TO DO: Filter the data for lines with the word "drawing" and copy those lines.
-----
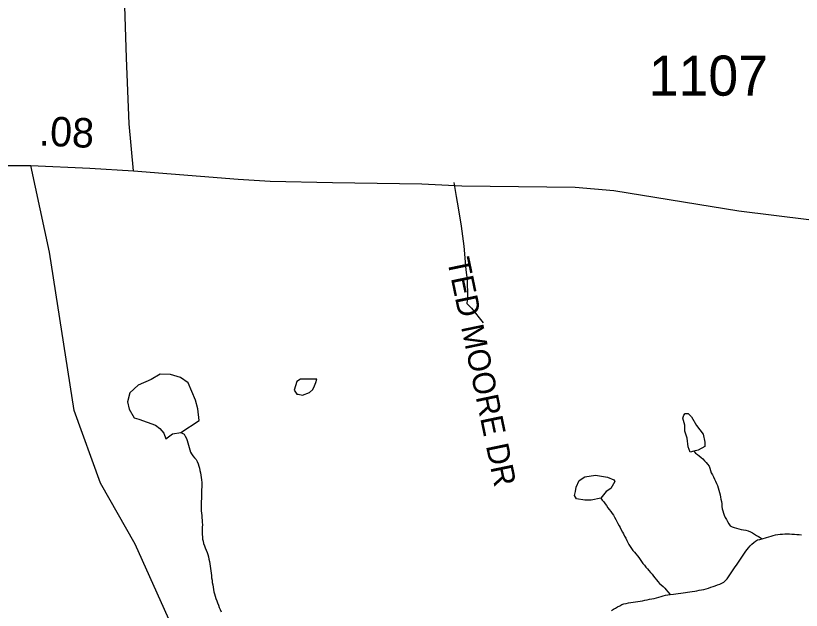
# Model space of a CAD drawing. Extents: x 1950930 to 2061844, y 904556 to 1017002.
# Drawn here: x 1975648 to 1978977, y 917429 to 919951 of the extents above; entities that cross this region are included whole.
import ezdxf

# ---------------------------------------------------------------- set-up
doc = ezdxf.new("R2010")
doc.units = 0
for name, color, linetype in [('Exist Hydrographic Creek Single Shore', 7, 'Continuous'), ('Exist Hydrographic Misc Water Feature', 7, 'Continuous'), ('Exist Road Non-System Type 51', 7, 'Continuous'), ('Exist Road Non-System Type 51 Label', 7, 'Continuous'), ('Exist Road Primary US Structure Standard Bridge CELL', 7, 'Continuous'), ('Exist Road Secondary Type 51 Attributed', 7, 'Continuous'), ('Exist Road Secondary Type 51 Number Label', 7, 'Continuous')]:
    doc.layers.add(name, color=color, linetype=linetype)

msp = doc.modelspace()

# ---------------------------------------------------------------- linework, layer by layer
at = {"layer": 'Exist Hydrographic Creek Single Shore'}
for points in [[(1978811.5, 917731.8), (1978830.3, 917737.1), (1978839.8, 917740.1), (1978849.2, 917743.1), (1978858.4, 917745.8), (1978868.3, 917748.7), (1978878.3, 917750.1), (1978888.3, 917751.3), (1978897.8, 917751.9), (1978908, 917752.8), (1978917.9, 917752.5), (1978927.7, 917753), (1978937.8, 917751.9), (1978947.8, 917752), (1978957.9, 917750.9), (1978967.9, 917749.8), (1978978, 917748.6)], [(1978421.4, 917495.2), (1978436.4, 917497.4), (1978445.8, 917498.8), (1978455.9, 917500.1), (1978466.4, 917501.8), (1978476, 917503.2), (1978486, 917504.5), (1978495.5, 917505.9), (1978505.5, 917507.6), (1978515.2, 917509), (1978525.6, 917510.3), (1978535.2, 917511.6), (1978544.9, 917514.2), (1978554.9, 917515.5), (1978564.6, 917517.7), (1978574.4, 917519.9), (1978583.8, 917522.9), (1978593.7, 917526.3), (1978603.1, 917529.3), (1978612.6, 917532.3), (1978622.2, 917536.2), (1978631.6, 917539.2), (1978640.9, 917544.3), (1978648.8, 917548.7), (1978656.2, 917555.3), (1978662.6, 917562.4), (1978668.7, 917571.3), (1978674.3, 917579.4), (1978680, 917588.2), (1978685.8, 917596.3), (1978691.3, 917604.8), (1978696.8, 917612.9), (1978702.4, 917620.5), (1978708.1, 917629.4), (1978713.8, 917637.9), (1978719.4, 917645.9), (1978725.1, 917654), (1978730.9, 917662.9), (1978736.4, 917670.9), (1978742.4, 917679), (1978748.3, 917687), (1978754.2, 917694.2), (1978761.2, 917702.5), (1978768.2, 917709.6), (1978776, 917717), (1978783.2, 917722.7), (1978791.6, 917727.1), (1978801.8, 917729.6), (1978811.5, 917731.8)], [(1978173.1, 917427.5), (1978181.7, 917433.1), (1978190.6, 917437.8), (1978198.6, 917443.1), (1978207.6, 917448.2), (1978216.4, 917453), (1978225.8, 917456), (1978235.7, 917458.2), (1978245.3, 917460.3), (1978255.4, 917461.7), (1978264.8, 917463.1), (1978275.2, 917464.7), (1978284.9, 917466.1), (1978294.9, 917467.4), (1978305, 917468.7), (1978314.6, 917471.3), (1978324.5, 917473.5), (1978333.7, 917475.7), (1978343.7, 917477.5), (1978353.4, 917479.6), (1978363.2, 917481.8), (1978373.5, 917484.7), (1978382.9, 917487.7), (1978392.1, 917490.4), (1978401.6, 917493.3), (1978411.6, 917494.7), (1978421.4, 917495.2)]]:
    msp.add_lwpolyline(points, dxfattribs=at)
at = {"layer": 'Exist Hydrographic Misc Water Feature'}
for points in [[(1976348.4, 918182.6), (1976426.3, 918233.7), (1976419.5, 918283.4), (1976409.5, 918319.5), (1976378.9, 918393.1), (1976346.7, 918416.7), (1976304.5, 918429.2), (1976260.6, 918430.9), (1976222.9, 918407.9), (1976166.9, 918383.6), (1976131.4, 918351.6), (1976121.6, 918313.3), (1976129.6, 918281.7), (1976150.3, 918245.3), (1976170.2, 918239.8), (1976240.3, 918214.1), (1976258.4, 918200.4), (1976276.6, 918180.2), (1976284.6, 918156.3), (1976312.7, 918177.1), (1976348.4, 918182.6)], [(1976845, 918344.9), (1976863.3, 918341.3), (1976893.2, 918353), (1976907.1, 918365.1), (1976914.9, 918381.4), (1976920.5, 918395.2), (1976924.6, 918409.5), (1976910.6, 918409.2), (1976896.7, 918409.3), (1976874.9, 918409), (1976854.4, 918408.8), (1976838.9, 918399.1), (1976828.8, 918362.5), (1976839.1, 918345), (1976845, 918344.9)], [(1978522.5, 918103.7), (1978507, 918099.2), (1978498.3, 918121.5), (1978494.2, 918159), (1978484, 918189.1), (1978483.8, 918213.4), (1978475.6, 918243.1), (1978479.3, 918257.2), (1978485.4, 918263.5), (1978497.3, 918263.3), (1978511.7, 918249.8), (1978533.6, 918213.2), (1978561.7, 918175.6), (1978568.5, 918142.1), (1978568.3, 918123.9), (1978540.6, 918107.4), (1978522.5, 918103.7)], [(1976348.4, 918182.6), (1976362.3, 918176.1), (1976367, 918166.8), (1976371.9, 918157.9), (1976375, 918148.6), (1976378.1, 918138.7), (1976380.8, 918129), (1976382.8, 918119), (1976385.7, 918110), (1976388.6, 918099.8), (1976393.3, 918091.8), (1976399.4, 918083.6), (1976406.4, 918076), (1976413.2, 918068.5), (1976417.1, 918059.4), (1976420.8, 918050.3), (1976423.6, 918040.1), (1976426.5, 918031.2), (1976428.5, 918021.2), (1976430.8, 918011.4), (1976432, 918001.5), (1976433.9, 917991.5), (1976435.7, 917981.9), (1976436.5, 917971.6), (1976436.5, 917961.9), (1976436.5, 917951.3), (1976435.7, 917941.7), (1976435.3, 917931.6), (1976435.5, 917921.9), (1976435.3, 917911.3), (1976434.9, 917901.2), (1976434.7, 917891.6), (1976434.3, 917881.8), (1976433.9, 917871.8), (1976434.3, 917861.2), (1976434.7, 917851.4), (1976435.3, 917841.5), (1976436.5, 917831.6), (1976437.4, 917821.7), (1976438.4, 917811.8), (1976438.8, 917802.1), (1976439.2, 917791.4), (1976438.8, 917781.3), (1976438.8, 917771.6), (1976438.6, 917761.9), (1976438.4, 917751), (1976439.2, 917741), (1976440.2, 917731.2), (1976442.1, 917721.6), (1976444.7, 917712.2), (1976447.8, 917702.5), (1976451.3, 917693.4), (1976455.4, 917684.2), (1976459.1, 917674.3), (1976462.8, 917665.3), (1976465.5, 917655.5), (1976467.3, 917646.3), (1976468.9, 917636.3), (1976471.2, 917626.6), (1976472.6, 917616.7), (1976473.9, 917606.7), (1976475.1, 917596.8), (1976476.5, 917586.9), (1976477.8, 917576.6), (1976478.6, 917566.2), (1976480.4, 917556.7), (1976481.2, 917546.8), (1976483.1, 917536.8), (1976484.7, 917526.8), (1976486.6, 917517.1), (1976488.2, 917507.2), (1976491.1, 917498.3), (1976493.5, 917488.1), (1976496.8, 917479.1), (1976499.9, 917469.3), (1976503.4, 917460.2), (1976507.5, 917451.1), (1976510.8, 917441.3), (1976514.5, 917432.1), (1976518.4, 917423)], [(1978522.5, 918103.7), (1978528.7, 918095.4), (1978536.9, 918090.2), (1978545.1, 918084.4), (1978552.9, 918077.5), (1978559.9, 918070.8), (1978567.2, 918063.2), (1978574, 918056.4), (1978580.4, 918048.2), (1978586.3, 918040.7), (1978590, 918031.7), (1978592, 918021.7), (1978595.9, 918011.7), (1978600.5, 918003.3), (1978605, 917994.5), (1978609.9, 917985.3), (1978614.2, 917976), (1978618.3, 917966.9), (1978621.8, 917957.9), (1978625.5, 917948.8), (1978628.1, 917939), (1978630.6, 917928.9), (1978632.9, 917919.2), (1978634.5, 917909.3), (1978636.3, 917900.1), (1978638.6, 917890.3), (1978640, 917880.4), (1978641.1, 917869.7), (1978642.5, 917859.8), (1978644.3, 917850.1), (1978647, 917841.2), (1978650.1, 917831.8), (1978655, 917822.6), (1978659.9, 917813.6), (1978664.8, 917805.2), (1978669.6, 917796), (1978675.3, 917787), (1978684.1, 917782.8), (1978692.7, 917779.5), (1978703, 917776.7), (1978712, 917774.9), (1978722.3, 917772.1), (1978732.1, 917770.3), (1978741.9, 917768.3), (1978751.8, 917765.7), (1978761.4, 917762.2), (1978770.2, 917757.1), (1978778.9, 917752.2), (1978787.3, 917746.8), (1978795.9, 917741.9), (1978811.5, 917731.8)], [(1978128, 917904.3), (1978086.4, 917896.1), (1978060.3, 917895.6), (1978024.3, 917901.4), (1978016.5, 917915.5), (1978020, 917933.3), (1978023.6, 917951.4), (1978035.7, 917980), (1978059.3, 917994.3), (1978105.3, 918002.3), (1978155.5, 917993.1), (1978183.2, 917982.8), (1978187.5, 917975.2), (1978169.6, 917945.1), (1978150.2, 917932.2), (1978128, 917904.3)], [(1978128, 917904.3), (1978134, 917896.5), (1978140.3, 917888.3), (1978146.1, 917880.1), (1978151.6, 917872.7), (1978158, 917864.1), (1978163.7, 917855.9), (1978169.6, 917848.5), (1978175.6, 917839.9), (1978180.9, 917831.7), (1978185.8, 917823.3), (1978190.8, 917814.4), (1978195.7, 917805.1), (1978200.2, 917796.7), (1978205.5, 917787.8), (1978210, 917779.4), (1978214.5, 917770.2), (1978219.3, 917760.9), (1978224, 917752.9), (1978228.3, 917743.7), (1978233.2, 917734.5), (1978237.5, 917725.3), (1978242, 917716.5), (1978246.5, 917708.1), (1978252.1, 917699.5), (1978257.4, 917691.4), (1978263.8, 917683.2), (1978270.1, 917675.7), (1978276.5, 917667.8), (1978282.8, 917659.6), (1978289.2, 917652.2), (1978294.5, 917644), (1978300.5, 917635.4), (1978306.4, 917628), (1978312.6, 917619.8), (1978318.7, 917612.4), (1978325.5, 917604.8), (1978331.8, 917597.3), (1978338.6, 917589.8), (1978345, 917581.9), (1978351.3, 917573.7), (1978357.3, 917566.2), (1978363.2, 917558), (1978369.6, 917550.7), (1978376.3, 917543.1), (1978383.7, 917536.3), (1978391.7, 917530.3), (1978398.9, 917523), (1978405.2, 917515.2), (1978411.6, 917507.7), (1978421.4, 917495.2)]]:
    msp.add_lwpolyline(points, dxfattribs=at)
at = {"layer": 'Exist Road Non-System Type 51'}
msp.add_lwpolyline([(1977504.5, 919243.4), (1977514.5, 919184.1), (1977523.8, 919135.3), (1977535.8, 919058.3), (1977547, 918973.5), (1977556.2, 918872.4), (1977560.8, 918830.3), (1977562.2, 918758.9), (1977560.2, 918730.1), (1977579.9, 918710.1), (1977628.6, 918647.9)], dxfattribs=at)
at = {"layer": 'Exist Road Secondary Type 51 Attributed'}
for points in [[(1976146.7, 919292.8), (1976128.7, 919492.2), (1976118.3, 919772.2), (1976109.8, 920036.1), (1976095.6, 920162.2), (1976085.3, 920310), (1976075.3, 920410), (1976071.1, 920512.2), (1976064.8, 920696.2), (1976074.6, 920888.1), (1976086.3, 921064), (1976103.9, 921400.2), (1976114.2, 921634.2), (1976126.7, 921748.2), (1976130.8, 921849.7), (1976130.8, 922022), (1976124.7, 922146), (1976114.2, 922220.4), (1976085.2, 922321.9), (1976050.3, 922420), (1976008.1, 922498), (1975974.1, 922545.8), (1975918.3, 922602.7)], [(1972525.2, 918328.2), (1972599.6, 918355.6), (1972670.9, 918389), (1972779.5, 918439.9), (1973078.6, 918604), (1973263.8, 918698.2), (1973346.6, 918741.6), (1973454.4, 918799.3), (1973560.6, 918835.8), (1973648.7, 918870.7), (1973844.6, 918946.7), (1973963.7, 918987), (1974142.9, 919040.2), (1974387.3, 919110.1), (1974599.9, 919172.4), (1974836, 919233.9), (1974977.2, 919262.8), (1975126, 919276.4), (1975239.1, 919289.4), (1975374.2, 919301.5), (1975574.6, 919315.2), (1975712, 919316)], [(1975712, 919316), (1975962.6, 919303.8), (1976146.7, 919292.8)], [(1976403.6, 917155.6), (1976154.8, 917709.2), (1976007.8, 917967.7), (1975895.7, 918276.3), (1975791.4, 918947.9), (1975712, 919316)], [(1976146.7, 919292.8), (1976590.8, 919256.9), (1976726.9, 919249.1), (1976991, 919243.4), (1977368.9, 919237.9), (1977539, 919229.1), (1978019.1, 919223.8), (1978182.9, 919209.1), (1978713, 919123.7), (1979009, 919086.1), (1979324.9, 919038.6), (1979707, 918979), (1979867.1, 918949.2), (1979967, 918937.5), (1980227, 918919.7), (1980567.2, 918886.3), (1980805.1, 918828.6), (1981143.2, 918737), (1981234.5, 918713.2)]]:
    msp.add_lwpolyline(points, dxfattribs=at)

# ---------------------------------------------------------------- texts
at = {"layer": 'Exist Road Non-System Type 51 Label'}
msp.add_text('  TED MOORE DR', height=95, rotation=281.7882, dxfattribs=at).set_placement((1977461.6, 918983.7))
at = {"layer": 'Exist Road Primary US Structure Standard Bridge CELL'}
msp.add_text('.08', height=125, rotation=357.2217, dxfattribs=at).set_placement((1975745.1, 919400.8))
at = {"layer": 'Exist Road Secondary Type 51 Number Label'}
msp.add_text('1107', height=170, dxfattribs=at).set_placement((1978330.7, 919611.7))

doc.saveas('drawing.dxf')
-----
WRITTEN SOLUTION:
# Model space of a CAD drawing. Extents: x 1950930 to 2061844, y 904556 to 1017002.
doc.saveas('drawing.dxf')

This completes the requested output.